Most data including our earlier work on the subject have shown HOMAIR as a very significant predictor of metabolic syndrome [16-18]. However, here we observed HOMAIR to show the least AUC in comparison to other evaluated markers. Probable explanations could be: Firstly, we believe that HOMAIR being the product of fasting insulin and glucose based upon a physiological mathematical modelling could depict risk related to insulin signaling pathway defects and may not be actually influencing risks resulting from hepatocyte function or alterations resulting from polygenic modes of causation of cardiovascular diseases [19, 20]. Secondly, HOMA model has inherent weakness and it may not be applicable to all patient groups like lean patients with metabolic risks, which is a common category in Asian population as highlighted by Kang et al. [21]. Available evidence review also suggests differential outcomes from two insulin resistance related measure HOMAIR, where the first version, the tradition one as utilized by us i.e., HOMA1 within our study and another one suggested by Levy et al. based upon a computer program being called HOMA2 [22, 23]. The latter version, by some authorities have been qualified as better version for Asian population [24]. However, we feel that more data on differences be two between the two equations is needed to validate our findings. Lastly, evidence from literature in certain specific patient groups suggests limited role of HOMAIR with associated cardiovascular disease mortality [25]. Similarly, evidence highlights that are racial and ethnic differences among human subjects with regards to insulin resistance, and type-2 diabetes mellitus [26-28].

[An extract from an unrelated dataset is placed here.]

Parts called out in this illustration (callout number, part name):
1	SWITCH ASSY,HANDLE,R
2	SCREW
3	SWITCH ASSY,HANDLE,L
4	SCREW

We feel certain limitations to our study needs to be acknowledged: Firstly, our cross-sectional design in design which has inherent limitations. Furthermore, we feel more studies with a much larger sample size by clinical epidemiologists to conclude the real yield of this tests.

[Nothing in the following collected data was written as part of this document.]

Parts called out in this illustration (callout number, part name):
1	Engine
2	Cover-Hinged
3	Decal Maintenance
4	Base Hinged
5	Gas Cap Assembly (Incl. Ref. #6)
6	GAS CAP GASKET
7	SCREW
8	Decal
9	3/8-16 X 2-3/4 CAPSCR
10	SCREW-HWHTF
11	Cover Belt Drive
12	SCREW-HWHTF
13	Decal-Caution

Provided the limitations we mentioned, we believe the study remains clinically valid as it provides a very simple mathematical marker for clinical use which is not only cost-effective but also be useful in small set ups with minimal laboratory facilities. Moreover, further augmentation of this biomarker any large-scale studies can help replace the varying definitions of metabolic syndrome which are sometimes creating diagnostic confusion and makes thing complex than easy in primary clinics.

Conclusion

TyG index, having the highest AUC in comparison to fasting glucose, triglycerides, sdLDLc, non-HDLc and HOMAIR can act as better marker for diagnosing metabolic syndrome. Keeping in view the simplicity of marker, cost-effectiveness and feasibility at small-scale lab and being depictive of other cardiovascular risks it is suggested to incorporate this test in clinical use.